DATASET CONTENT:
○ ○ ○ ○ ○
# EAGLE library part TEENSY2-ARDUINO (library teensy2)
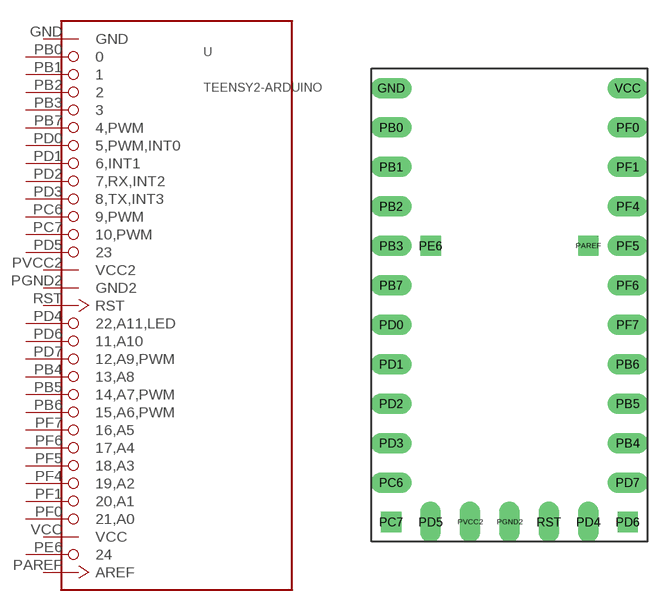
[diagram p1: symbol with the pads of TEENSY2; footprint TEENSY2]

Designator prefix -

## TEENSY2-ARDUINO  [TEENSY2]
GND  GND  pwr
PAREF  AREF  in
PB0  0
PB1  1
PB2  2
PB3  3
PB4  13,A8
PB5  14,A7,PWM
PB6  15,A6,PWM
PB7  4,PWM
PC6  9,PWM
PC7  10,PWM
PD0  5,PWM,INT0
PD1  6,INT1
PD2  7,RX,INT2
PD3  8,TX,INT3
PD4  22,A11,LED
PD5  23
PD6  11,A10
PD7  12,A9,PWM
PE6  24
PF0  21,A0
PF1  20,A1
PF4  19,A2
PF5  18,A3
PF6  17,A4
PF7  16,A5
PGND2  GND2  pwr
PVCC2  VCC2  pwr
RST  RST  in
VCC  VCC  pwr

## Footprint TEENSY2 (pad centres in mm)
http://pjrc.com/teensy/index.html
drill 0.8 long: GND 12.7,21.59; PB0 12.7,19.05; PB1 12.7,16.51; PB2 12.7,13.97; PB3 12.7,11.43; PB4 27.94,-1.27; PB5 27.94,1.27; PB6 27.94,3.81; PB7 12.7,8.89; PC6 12.7,-3.81; PD0 12.7,6.35; PD1 12.7,3.81; PD2 12.7,1.27; PD3 12.7,-1.27; PD4 25.4,-6.35; PD5 15.24,-6.35; PD7 27.94,-3.81; PF0 27.94,19.05; PF1 27.94,16.51; PF4 27.94,13.97; PF5 27.94,11.43; PF6 27.94,8.89; PF7 27.94,6.35; PGND2 20.32,-6.35; PVCC2 17.78,-6.35; RST 22.86,-6.35; VCC 27.94,21.59
drill 0.8 square: PAREF 25.4,11.43; PC7 12.7,-6.35; PD6 27.94,-6.35; PE6 15.24,11.43
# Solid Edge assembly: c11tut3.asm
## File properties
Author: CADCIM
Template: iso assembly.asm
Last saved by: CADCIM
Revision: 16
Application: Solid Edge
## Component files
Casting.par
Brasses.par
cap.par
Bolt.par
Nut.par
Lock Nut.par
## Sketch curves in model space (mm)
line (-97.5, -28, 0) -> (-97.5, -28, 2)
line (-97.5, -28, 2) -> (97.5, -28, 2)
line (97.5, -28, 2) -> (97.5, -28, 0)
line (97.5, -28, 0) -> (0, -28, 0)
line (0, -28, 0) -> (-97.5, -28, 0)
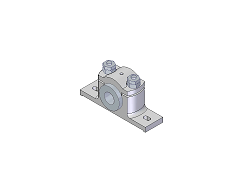
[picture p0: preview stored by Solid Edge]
○ ○ ○ ○ ○
PROBLEM STATEMENT:
Only the pictures are to be left out; all other material is to be output exactly.

RESULT FOR THIS EXERCISE:
# EAGLE library part TEENSY2-ARDUINO (library teensy2)
[diagram p1: symbol with the pads of TEENSY2; footprint TEENSY2]

Designator prefix -

## TEENSY2-ARDUINO  [TEENSY2]
GND  GND  pwr
PAREF  AREF  in
PB0  0
PB1  1
PB2  2
PB3  3
PB4  13,A8
PB5  14,A7,PWM
PB6  15,A6,PWM
PB7  4,PWM
PC6  9,PWM
PC7  10,PWM
PD0  5,PWM,INT0
PD1  6,INT1
PD2  7,RX,INT2
PD3  8,TX,INT3
PD4  22,A11,LED
PD5  23
PD6  11,A10
PD7  12,A9,PWM
PE6  24
PF0  21,A0
PF1  20,A1
PF4  19,A2
PF5  18,A3
PF6  17,A4
PF7  16,A5
PGND2  GND2  pwr
PVCC2  VCC2  pwr
RST  RST  in
VCC  VCC  pwr

## Footprint TEENSY2 (pad centres in mm)
http://pjrc.com/teensy/index.html
drill 0.8 long: GND 12.7,21.59; PB0 12.7,19.05; PB1 12.7,16.51; PB2 12.7,13.97; PB3 12.7,11.43; PB4 27.94,-1.27; PB5 27.94,1.27; PB6 27.94,3.81; PB7 12.7,8.89; PC6 12.7,-3.81; PD0 12.7,6.35; PD1 12.7,3.81; PD2 12.7,1.27; PD3 12.7,-1.27; PD4 25.4,-6.35; PD5 15.24,-6.35; PD7 27.94,-3.81; PF0 27.94,19.05; PF1 27.94,16.51; PF4 27.94,13.97; PF5 27.94,11.43; PF6 27.94,8.89; PF7 27.94,6.35; PGND2 20.32,-6.35; PVCC2 17.78,-6.35; RST 22.86,-6.35; VCC 27.94,21.59
drill 0.8 square: PAREF 25.4,11.43; PC7 12.7,-6.35; PD6 27.94,-6.35; PE6 15.24,11.43
# Solid Edge assembly: c11tut3.asm
## File properties
Author: CADCIM
Template: iso assembly.asm
Last saved by: CADCIM
Revision: 16
Application: Solid Edge
## Component files
Casting.par
Brasses.par
cap.par
Bolt.par
Nut.par
Lock Nut.par
## Sketch curves in model space (mm)
line (-97.5, -28, 0) -> (-97.5, -28, 2)
line (-97.5, -28, 2) -> (97.5, -28, 2)
line (97.5, -28, 2) -> (97.5, -28, 0)
line (97.5, -28, 0) -> (0, -28, 0)
line (0, -28, 0) -> (-97.5, -28, 0)
[picture p0: preview stored by Solid Edge]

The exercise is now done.